Your task.
Pictures do not belong in the copy; quote every entry below exactly.

Source records.
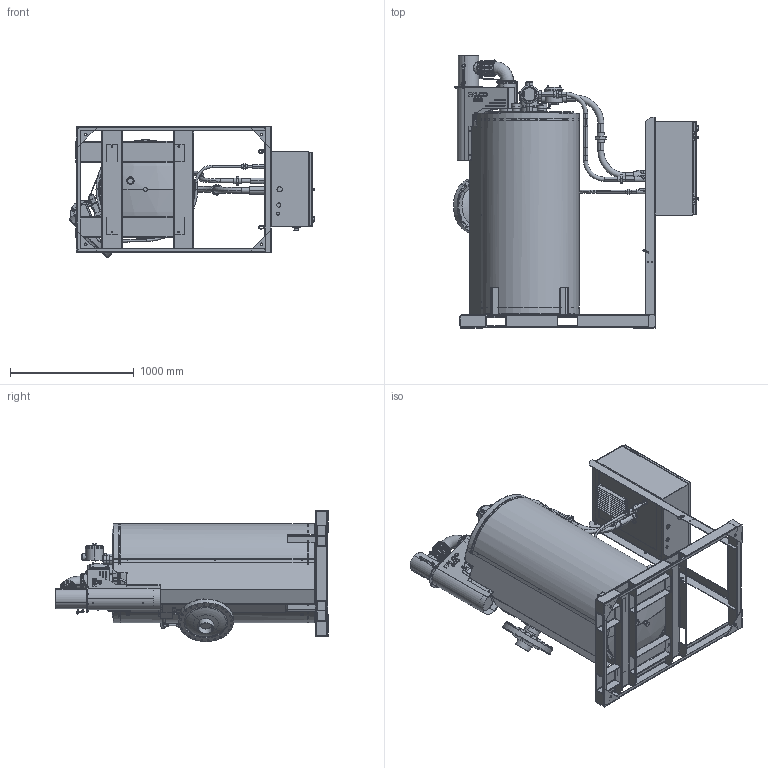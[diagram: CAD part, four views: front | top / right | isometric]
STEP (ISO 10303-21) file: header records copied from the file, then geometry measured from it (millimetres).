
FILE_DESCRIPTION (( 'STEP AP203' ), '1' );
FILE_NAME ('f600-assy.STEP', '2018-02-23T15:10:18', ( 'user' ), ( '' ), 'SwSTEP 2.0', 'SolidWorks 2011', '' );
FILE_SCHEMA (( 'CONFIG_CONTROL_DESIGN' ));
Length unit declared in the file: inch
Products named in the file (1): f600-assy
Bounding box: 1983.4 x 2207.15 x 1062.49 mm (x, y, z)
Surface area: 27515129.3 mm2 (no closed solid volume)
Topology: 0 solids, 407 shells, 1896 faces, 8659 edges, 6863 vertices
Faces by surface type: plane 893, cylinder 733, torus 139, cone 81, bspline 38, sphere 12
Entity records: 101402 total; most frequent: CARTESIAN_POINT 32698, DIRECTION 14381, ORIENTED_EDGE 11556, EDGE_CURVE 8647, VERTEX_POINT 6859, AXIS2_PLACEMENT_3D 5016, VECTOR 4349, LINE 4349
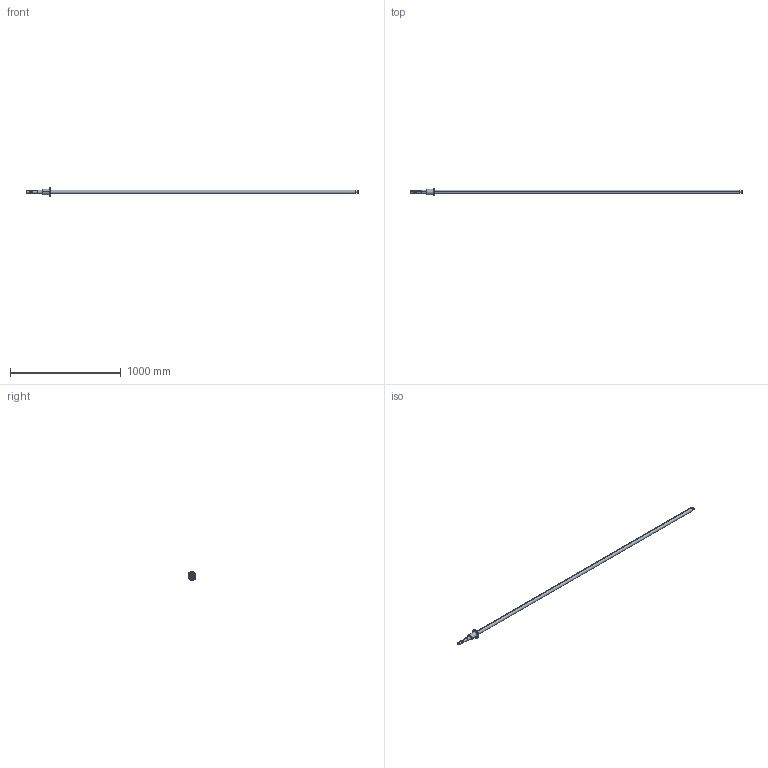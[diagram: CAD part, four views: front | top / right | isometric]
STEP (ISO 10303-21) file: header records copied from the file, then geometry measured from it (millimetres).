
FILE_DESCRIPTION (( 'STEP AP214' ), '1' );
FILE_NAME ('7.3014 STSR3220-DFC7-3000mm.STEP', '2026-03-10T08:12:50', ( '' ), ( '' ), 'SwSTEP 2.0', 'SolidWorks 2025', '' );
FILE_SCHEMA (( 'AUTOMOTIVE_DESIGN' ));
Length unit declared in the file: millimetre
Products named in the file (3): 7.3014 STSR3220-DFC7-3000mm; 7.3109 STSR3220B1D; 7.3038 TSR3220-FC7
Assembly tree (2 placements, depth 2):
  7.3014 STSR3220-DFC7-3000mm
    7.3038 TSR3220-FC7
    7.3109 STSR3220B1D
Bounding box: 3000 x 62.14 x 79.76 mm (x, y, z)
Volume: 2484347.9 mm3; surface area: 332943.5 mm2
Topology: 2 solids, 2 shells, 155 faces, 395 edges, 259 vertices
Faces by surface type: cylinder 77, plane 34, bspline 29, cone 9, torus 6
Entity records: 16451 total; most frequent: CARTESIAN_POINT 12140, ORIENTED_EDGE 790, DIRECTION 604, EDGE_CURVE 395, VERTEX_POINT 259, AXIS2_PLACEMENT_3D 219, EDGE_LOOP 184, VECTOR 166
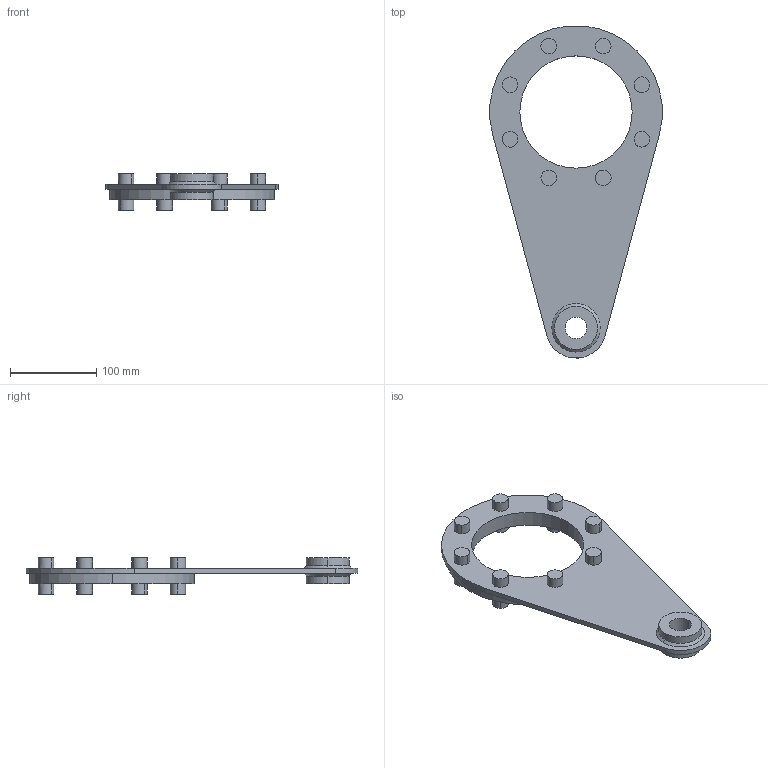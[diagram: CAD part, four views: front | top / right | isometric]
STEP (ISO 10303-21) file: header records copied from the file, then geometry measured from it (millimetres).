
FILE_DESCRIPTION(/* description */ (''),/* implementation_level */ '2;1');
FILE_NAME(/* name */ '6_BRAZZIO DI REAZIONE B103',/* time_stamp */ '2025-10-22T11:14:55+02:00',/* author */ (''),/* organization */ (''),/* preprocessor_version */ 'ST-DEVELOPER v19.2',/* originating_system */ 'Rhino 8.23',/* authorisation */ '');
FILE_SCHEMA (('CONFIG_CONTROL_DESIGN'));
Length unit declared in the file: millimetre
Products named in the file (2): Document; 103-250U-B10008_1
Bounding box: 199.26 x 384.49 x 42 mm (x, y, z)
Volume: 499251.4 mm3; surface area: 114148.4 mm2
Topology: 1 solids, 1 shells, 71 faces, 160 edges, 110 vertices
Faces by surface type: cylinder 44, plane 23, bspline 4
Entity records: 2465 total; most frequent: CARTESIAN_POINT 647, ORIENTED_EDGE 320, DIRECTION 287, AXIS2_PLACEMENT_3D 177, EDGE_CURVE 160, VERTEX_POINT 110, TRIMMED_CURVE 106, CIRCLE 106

Task output.
[diagram: CAD part, four views: front | top / right | isometric]
STEP (ISO 10303-21) file: header records copied from the file, then geometry measured from it (millimetres).
FILE_DESCRIPTION (( 'STEP AP203' ), '1' );
FILE_NAME ('f600-assy.STEP', '2018-02-23T15:10:18', ( 'user' ), ( '' ), 'SwSTEP 2.0', 'SolidWorks 2011', '' );
FILE_SCHEMA (( 'CONFIG_CONTROL_DESIGN' ));
Length unit declared in the file: inch
Products named in the file (1): f600-assy
Bounding box: 1983.4 x 2207.15 x 1062.49 mm (x, y, z)
Surface area: 27515129.3 mm2 (no closed solid volume)
Topology: 0 solids, 407 shells, 1896 faces, 8659 edges, 6863 vertices
Faces by surface type: plane 893, cylinder 733, torus 139, cone 81, bspline 38, sphere 12
Entity records: 101402 total; most frequent: CARTESIAN_POINT 32698, DIRECTION 14381, ORIENTED_EDGE 11556, EDGE_CURVE 8647, VERTEX_POINT 6859, AXIS2_PLACEMENT_3D 5016, VECTOR 4349, LINE 4349
[diagram: CAD part, four views: front | top / right | isometric]
STEP (ISO 10303-21) file: header records copied from the file, then geometry measured from it (millimetres).
FILE_DESCRIPTION (( 'STEP AP214' ), '1' );
FILE_NAME ('7.3014 STSR3220-DFC7-3000mm.STEP', '2026-03-10T08:12:50', ( '' ), ( '' ), 'SwSTEP 2.0', 'SolidWorks 2025', '' );
FILE_SCHEMA (( 'AUTOMOTIVE_DESIGN' ));
Length unit declared in the file: millimetre
Products named in the file (3): 7.3014 STSR3220-DFC7-3000mm; 7.3109 STSR3220B1D; 7.3038 TSR3220-FC7
Assembly tree (2 placements, depth 2):
  7.3014 STSR3220-DFC7-3000mm
    7.3038 TSR3220-FC7
    7.3109 STSR3220B1D
Bounding box: 3000 x 62.14 x 79.76 mm (x, y, z)
Volume: 2484347.9 mm3; surface area: 332943.5 mm2
Topology: 2 solids, 2 shells, 155 faces, 395 edges, 259 vertices
Faces by surface type: cylinder 77, plane 34, bspline 29, cone 9, torus 6
Entity records: 16451 total; most frequent: CARTESIAN_POINT 12140, ORIENTED_EDGE 790, DIRECTION 604, EDGE_CURVE 395, VERTEX_POINT 259, AXIS2_PLACEMENT_3D 219, EDGE_LOOP 184, VECTOR 166
[diagram: CAD part, four views: front | top / right | isometric]
STEP (ISO 10303-21) file: header records copied from the file, then geometry measured from it (millimetres).
FILE_DESCRIPTION(/* description */ (''),/* implementation_level */ '2;1');
FILE_NAME(/* name */ '6_BRAZZIO DI REAZIONE B103',/* time_stamp */ '2025-10-22T11:14:55+02:00',/* author */ (''),/* organization */ (''),/* preprocessor_version */ 'ST-DEVELOPER v19.2',/* originating_system */ 'Rhino 8.23',/* authorisation */ '');
FILE_SCHEMA (('CONFIG_CONTROL_DESIGN'));
Length unit declared in the file: millimetre
Products named in the file (2): Document; 103-250U-B10008_1
Bounding box: 199.26 x 384.49 x 42 mm (x, y, z)
Volume: 499251.4 mm3; surface area: 114148.4 mm2
Topology: 1 solids, 1 shells, 71 faces, 160 edges, 110 vertices
Faces by surface type: cylinder 44, plane 23, bspline 4
Entity records: 2465 total; most frequent: CARTESIAN_POINT 647, ORIENTED_EDGE 320, DIRECTION 287, AXIS2_PLACEMENT_3D 177, EDGE_CURVE 160, VERTEX_POINT 110, TRIMMED_CURVE 106, CIRCLE 106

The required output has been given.